Cornelia Hendry Ezzaher mit ihrem Ehemann Abderrahim Ezzaher. Bild: Urs Oskar Keller/ProLitteris.

Wie viele Gäste aus der Schweiz kommen zu Ihnen?

Schweizerinnen und Schweizer bereisen Marokko je länger desto mehr und fühlen sich bei uns gut aufgehoben. Vor allem an Ostern und in den Herbstferien. Sie machen aber nur etwa fünf Prozent unserer Klientel aus. Fünf Prozent der Gäste sind Marokkaner, 90 Prozent stammen aus der ganzen Welt, neuerdings auch aus China. Reiche Marokkaner gehen lieber in internationale Luxushotels im eigenen Land. Da wir diverse Aktivitäten anbieten, bleiben Gäste heute oft eine Woche hier. Unsere durchschnittliche Auslastung liegt bei 60 Prozent.

Essaouira ist nicht wirklich eine Badedestination, oder?

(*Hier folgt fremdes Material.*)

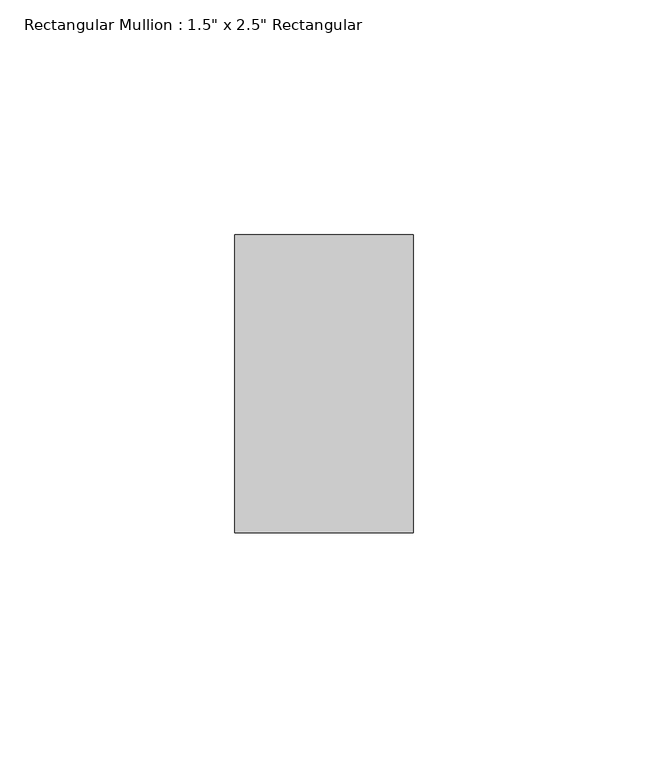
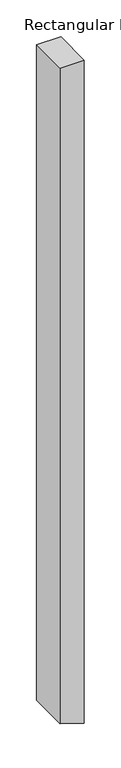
"""IFC4 building model written with IfcOpenShell, lengths in millimetres: member geometry."""

from ifc_helpers import new_model, si_unit, frame, origin, place, context, project, spatial, polyline, outline, extrude, source, transform, mapped, element, save


def member_b73a8a31(model_context):
    return source(origin(), model_context, "Body", "SweptSolid", [
        extrude(outline(polyline([(0.0, 19.05), (0.0, -19.05), (-1086.9640737, -19.05), (-1097.3301663, 12.0482779), (-1099.6640737, 19.05), (0.0, 19.05)])), frame((0.0, -31.75, 0.0), z_axis=(0.0, 1.0, 0.0), x_axis=(0.0, 0.0, 1.0)), (0.0, 0.0, 1.0), 63.5),
    ])


if __name__ == "__main__":
    model = new_model("IFC4")
    model_context = context("Model", 3, world=origin())
    ifc_project = project(units=[si_unit("LENGTHUNIT", "METRE", prefix="MILLI")], contexts=[model_context])
    site = spatial("IfcSite", under=ifc_project)
    building = spatial("IfcBuilding", under=site)
    placement = place(None, origin())
    member_shape = member_b73a8a31(model_context)
    element("IfcMember", 1, ObjectType="Rectangular Mullion : 1.5\" x 2.5\" Rectangular", at=placement, inside=building, context=model_context, shape_type="MappedRepresentation", body=[
        mapped(member_shape, transform((0.0, 0.0, 0.0), x_axis=(1.0, 0.0, 0.0), y_axis=(0.0, 1.0, 0.0), z_axis=(0.0, 0.0, 1.0))),
    ])
    save(model, "model.ifc")

Essaouira gilt als Wind-City. Die Normaltemperatur im Sommer ist um die 25 Grad. Selten, bei Windstille, steigen die Temperaturen ein paar Tage auf 28 bis 30 Grad. Wir besitzen ein sehr ausgewogenes Klima, was besonders englische Touristen anzieht. Wir brauchen auch keine Klimaanlagen in den Zimmern und Räumen. Im Januar sind 18 bis 20 Grad keine Seltenheit. Im August werden wir drei Wochen lang vor allem von Leuten aus Marrakesch überrannt und der Sandstrand ist dann sehr voll. Sehr angenehm ist der Monat Juli. Die Wasserqualität ist ausgezeichnet.

In Essaouira soll es laut dem Internetportal «Tripadvisor» 180 Unterkünfte und 2500 Gästebetten geben – und genauso viele Galerien wie Cafés. Wie wird sich die Stadt entwickeln?

Essaouira bleibt klein und authentisch. Seit 23 Jahren haben die Leute Angst, dass wir vom Massentourismus überschwemmt werden. Doch Essaouira ist immer noch die kleine, wunderschöne und mysteriöse Hafenstadt am Atlantik. Und die «Souiri», die Stadtbewohner, bleiben gastfreundlich, tolerant und offen wie sie es schon immer waren.

Die marokkanische Weltkulturerbe-Hafenstadt Essaouira. Bild: Urs Oskar Keller/ProLitteris.